Problem details: Show all lines of the listing that hold the word "Bounding".

Data records:
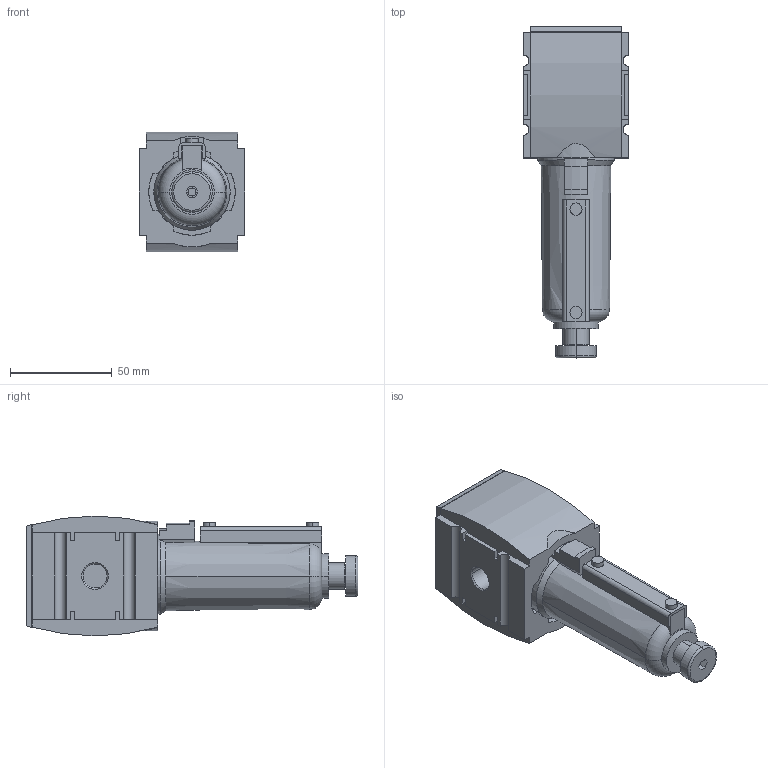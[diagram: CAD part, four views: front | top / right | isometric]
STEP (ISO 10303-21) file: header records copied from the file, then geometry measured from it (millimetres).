
FILE_DESCRIPTION((''),'2;1');
FILE_NAME('R412006006_ASM','2019-05-31T',('hug2hc'),(''),'CREO PARAMETRIC BY PTC INC, 2016260','CREO PARAMETRIC BY PTC INC, 2016260','');
FILE_SCHEMA(('CONFIG_CONTROL_DESIGN'));
Length unit declared in the file: millimetre
Products named in the file (4): R412006006; AS2_RES_METAL_FILTER_SEMI; AS2_DRAIN_KNOB_METAL; R412006006_ASM
Assembly tree (3 placements, depth 2):
  R412006006_ASM
    R412006006
    AS2_RES_METAL_FILTER_SEMI
    AS2_DRAIN_KNOB_METAL
Bounding box: 52 x 163.5 x 59 mm (x, y, z)
Volume: 255235.5 mm3; surface area: 43740.5 mm2
Topology: 3 solids, 3 shells, 190 faces, 487 edges, 320 vertices
Faces by surface type: plane 128, cylinder 47, cone 11, torus 4
Entity records: 6139 total; most frequent: CARTESIAN_POINT 1148, DIRECTION 1004, ORIENTED_EDGE 974, EDGE_CURVE 487, VECTOR 344, LINE 344, AXIS2_PLACEMENT_3D 330, VERTEX_POINT 320
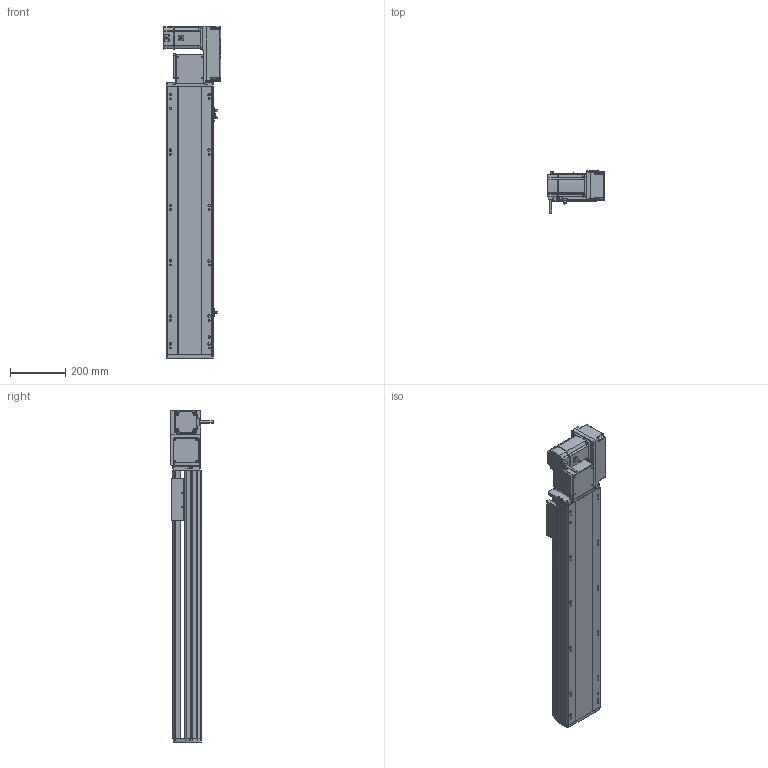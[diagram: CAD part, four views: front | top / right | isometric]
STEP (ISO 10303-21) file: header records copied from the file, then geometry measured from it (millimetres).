
FILE_DESCRIPTION (( 'STEP AP214' ), '1' );
FILE_NAME ('RTB17S-XX-700-R-M75-C4.STEP', '2025-12-12T01:31:57', ( '' ), ( '' ), 'SwSTEP 2.0', 'SolidWorks 2018', '' );
FILE_SCHEMA (( 'AUTOMOTIVE_DESIGN' ));
Length unit declared in the file: millimetre
Products named in the file (15): RTB17-R-011菁釱^RTB17S-XX-XX-R-M75-C4; RTB22S-GY-017P^RTB17S-R-々湍釱蚾饜-750W_RTB17S-XX-XX-R-M75-C4; RTB17S-賑釱^RTB17S-XX-XX-R-M75-C4; RTB17S-L-001-耜醱啣^RTB17S-XX-XX-R-M75-C4; RTB22S-GY-005P^RTB17S-R-々湍釱蚾饜-750W_RTB17S-XX-XX-R-M75-C4; RTB17S-R-々湍釱蚾饜-750W^RTB17S-XX-XX-R-M75-C4; 750W萇儂^RTB17S-XX-XX-R-M75-C4; RTB17S-XX-700-R-M75-C4; RTB17S-L-007奻裔^RTB17S-XX-XX-R-M75-C4; RTB17S-L-014-T20-P75--々湍釱^RTB17S-R-々湍釱蚾饜-750W_RTB17S-XX-XX-R-M75-C4; EE672^RTB17S-XX-XX-R-M75-C4; RTH13-BL-012覜茼え俋离^RTB17S-賑釱_RTB17S-XX-XX-R-M75-C4; RTB22S-GY-008-M75--萇儂啣^RTB17S-R-々湍釱蚾饜-750W_RTB17S-XX-XX-R-M75-C4; RTB22S-GY-018P^RTB17S-R-々湍釱蚾饜-750W_RTB17S-XX-XX-R-M75-C4; RTB17S-L-004-賑釱^RTB17S-賑釱_RTB17S-XX-XX-R-M75-C4
Assembly tree (17 placements, depth 3):
  RTB17S-XX-700-R-M75-C4
    RTB17-R-011菁釱^RTB17S-XX-XX-R-M75-C4
    EE672^RTB17S-XX-XX-R-M75-C4  x3
    RTB17S-L-001-耜醱啣^RTB17S-XX-XX-R-M75-C4
    RTB17S-賑釱^RTB17S-XX-XX-R-M75-C4
      RTB17S-L-004-賑釱^RTB17S-賑釱_RTB17S-XX-XX-R-M75-C4
      RTH13-BL-012覜茼え俋离^RTB17S-賑釱_RTB17S-XX-XX-R-M75-C4
    RTB17S-L-007奻裔^RTB17S-XX-XX-R-M75-C4
    750W萇儂^RTB17S-XX-XX-R-M75-C4
    RTB17S-R-々湍釱蚾饜-750W^RTB17S-XX-XX-R-M75-C4
      RTB17S-L-014-T20-P75--々湍釱^RTB17S-R-々湍釱蚾饜-750W_RTB17S-XX-XX-R-M75-C4
      RTB22S-GY-005P^RTB17S-R-々湍釱蚾饜-750W_RTB17S-XX-XX-R-M75-C4
      RTB22S-GY-017P^RTB17S-R-々湍釱蚾饜-750W_RTB17S-XX-XX-R-M75-C4  x2
      RTB22S-GY-008-M75--萇儂啣^RTB17S-R-々湍釱蚾饜-750W_RTB17S-XX-XX-R-M75-C4
      RTB22S-GY-018P^RTB17S-R-々湍釱蚾饜-750W_RTB17S-XX-XX-R-M75-C4
Bounding box: 207.4 x 152.7 x 1199 mm (x, y, z)
Volume: 10323170.3 mm3; surface area: 1703319.6 mm2
Topology: 17 solids, 17 shells, 2073 faces, 5728 edges, 3698 vertices
Faces by surface type: plane 968, cylinder 689, bspline 294, cone 110, sphere 8, torus 4
Entity records: 57334 total; most frequent: CARTESIAN_POINT 16792, ORIENTED_EDGE 8300, DIRECTION 7772, EDGE_CURVE 4150, AXIS2_PLACEMENT_3D 2718, VERTEX_POINT 2702, LINE 2336, VECTOR 2336

Answer space:
Bounding box: 52 x 163.5 x 59 mm (x, y, z)
Bounding box: 207.4 x 152.7 x 1199 mm (x, y, z)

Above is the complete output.